Banks quickly integrated the private ECU into their routine banking practices. In October 1983, National Westminster Bank, for instance, already offered foreign exchange rates, deposit rates, and account facilities in the ECU.Footnote 83 Within their organization, ECUs were traded as a currency on an equal status with all other major currencies. Wholesale deposits in the ECU of 50,000 ECU and over were directed to National Westminster’s subsidiary International Westminster Bank. Current and interest-bearing accounts could be opened with its Overseas Branch in London. In an internal note to Lloyds, the most active of the British banks in the ECU market, the general manager of the overseas division noted: “we have built up a commanding position in the ECU Market in London […] We made good profits last year in our ECU dealings but as I have suggested in my forthcoming report to the Board of Directors we may face finer margins in the years to come.’Footnote 84 The business of the private ECU was not a political move only: commercial interest was the main logic for selling ECUs to customers.
As already explained, the establishment of a clearing system in the ECU was a major step in the development of the private market for ECUs. Clearing operations in the ECU were complex as they involved many transactions, limiting the potential for private market development. The clearing system that was set up in October 1986 and replaced the previous limited clearing mechanism enabled “its members to offset their reciprocal claims and debts in Ecu and to balance their creditor or debtor positions in Ecu.”Footnote 85
Over time, an increasingly complete financial market developed: loans, bonds, and from 1986, options and futures in the ECU were issued. The development of a futures and options market in the ECU was important. The Amsterdam Stock Exchange was the first to set up an ECU-dollar futures market, on the initiative of its CEO, Tjerk Westerterp, who was also chairman of the European Association of Futures Markets, based in Amsterdam.Footnote 86 Tjerk Westerterp was a former Dutch politician who had been a member of the European Parliament and State Secretary for Foreign Affairs responsible for European cooperation, and was a long-standing advocate of European integration.Footnote 87 But the ECU financial market went far beyond Europe: after Amsterdam, New York, Philadelphia, and Chicago were among the first to develop this futures and options market.Footnote 88
Along with the political support coming from the “ECU network,” the variability of exchange rates and interest rates, the divergence of inflation rates, and the diversity of regulations between countries also favored the development of the private ECU market, just like other financial innovations. In the late 1980s, the liberalization of capital flows, enacted by an EEC directive in 1988, as well as the accumulation of assets in the ECU by central banks and the borrowing of several EEC member states in the ECU, further supported the private ECU market.Footnote 89 This market also became more international over time. In 1983, the primary bond market in the ECU was dominated by French and Belgian banks, whose share in the market was 45% and 30% respectively.Footnote 90 In 1990, banks from these two countries totaled less than 40%, whereas Swiss banks had 18%, American banks 17%, German banks 11%, and Japanese banks 17.5%.
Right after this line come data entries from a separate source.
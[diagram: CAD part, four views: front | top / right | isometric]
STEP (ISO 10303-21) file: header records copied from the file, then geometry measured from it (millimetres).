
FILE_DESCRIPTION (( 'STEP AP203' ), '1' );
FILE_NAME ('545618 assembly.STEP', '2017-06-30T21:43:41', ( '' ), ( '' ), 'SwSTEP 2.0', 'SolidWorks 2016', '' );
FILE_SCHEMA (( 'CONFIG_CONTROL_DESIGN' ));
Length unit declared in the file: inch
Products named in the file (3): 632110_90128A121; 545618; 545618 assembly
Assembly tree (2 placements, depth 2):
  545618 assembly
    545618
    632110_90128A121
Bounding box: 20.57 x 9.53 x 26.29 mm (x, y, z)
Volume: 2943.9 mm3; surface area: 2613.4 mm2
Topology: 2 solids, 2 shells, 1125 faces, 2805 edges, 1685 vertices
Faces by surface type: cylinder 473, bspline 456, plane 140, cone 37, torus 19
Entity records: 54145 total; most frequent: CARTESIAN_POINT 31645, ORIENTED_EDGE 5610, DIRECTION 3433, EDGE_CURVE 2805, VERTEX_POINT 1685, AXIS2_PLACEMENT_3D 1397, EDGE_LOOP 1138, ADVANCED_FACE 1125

Germany was the last EEC state to accept the private ECU as a currency, in June 1987, and German banks followed suit.Footnote 91 In 1989, Commerzbank suggested offering retail deposits in the ECU to the individual customers of their banking club Europartners.Footnote 92 The same year, the chairman of Deutsche Bank’s supervisory board, and member of CMUE Wilfried Guth underlined the credibility dimension that the “test of the markets” provided, and portrayed the ECU as linked with European monetary unification: “[the ECU] will have to stand the test of the markets. Its success in competition with other currencies will depend (…), in the final analysis, on the apparent political determination to proceed on the road towards European integration beyond 1992.”Footnote 93 The private dimension of the ECU brought credibility to the overall monetary unification project as much as the political will to embark on monetary unification brought credibility to the private ECU.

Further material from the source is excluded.